* EXERCISE: The entries are to be reproduced verbatim, and their pictures left out.

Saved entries
○ ○ ○ ○ ○

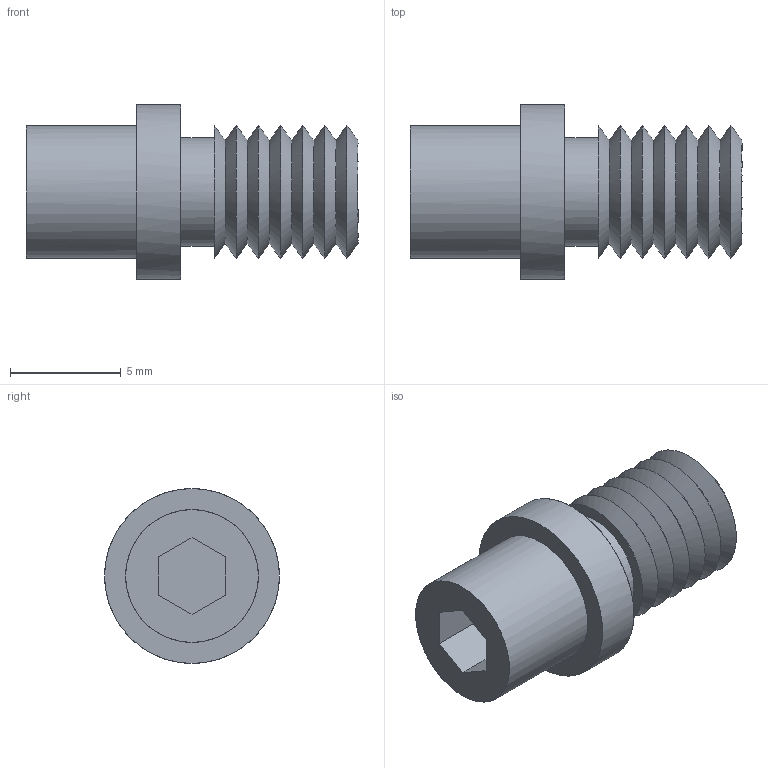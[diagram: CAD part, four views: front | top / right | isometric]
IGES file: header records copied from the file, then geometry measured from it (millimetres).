
Global section: native system: Kubotek KeyCreator; preprocessor: KCM Version 1.1.1442.0; author: KeyCreator User; organization: Self; date: 20200429.024056; units: millimetre
Bounding box: 15 x 7.9 x 7.9 mm (x, y, z)
Surface area: 486 mm2 (no closed solid volume)
Topology: 0 solids, 0 shells, 28 faces, 228 edges, 196 vertices
Faces by surface type: bspline 28

○ ○ ○ ○ ○

* WRITTEN REPLY:
[diagram: CAD part, four views: front | top / right | isometric]
IGES file: header records copied from the file, then geometry measured from it (millimetres).
Global section: native system: Kubotek KeyCreator; preprocessor: KCM Version 1.1.1442.0; author: KeyCreator User; organization: Self; date: 20200429.024056; units: millimetre
Bounding box: 15 x 7.9 x 7.9 mm (x, y, z)
Surface area: 486 mm2 (no closed solid volume)
Topology: 0 solids, 0 shells, 28 faces, 228 edges, 196 vertices
Faces by surface type: bspline 28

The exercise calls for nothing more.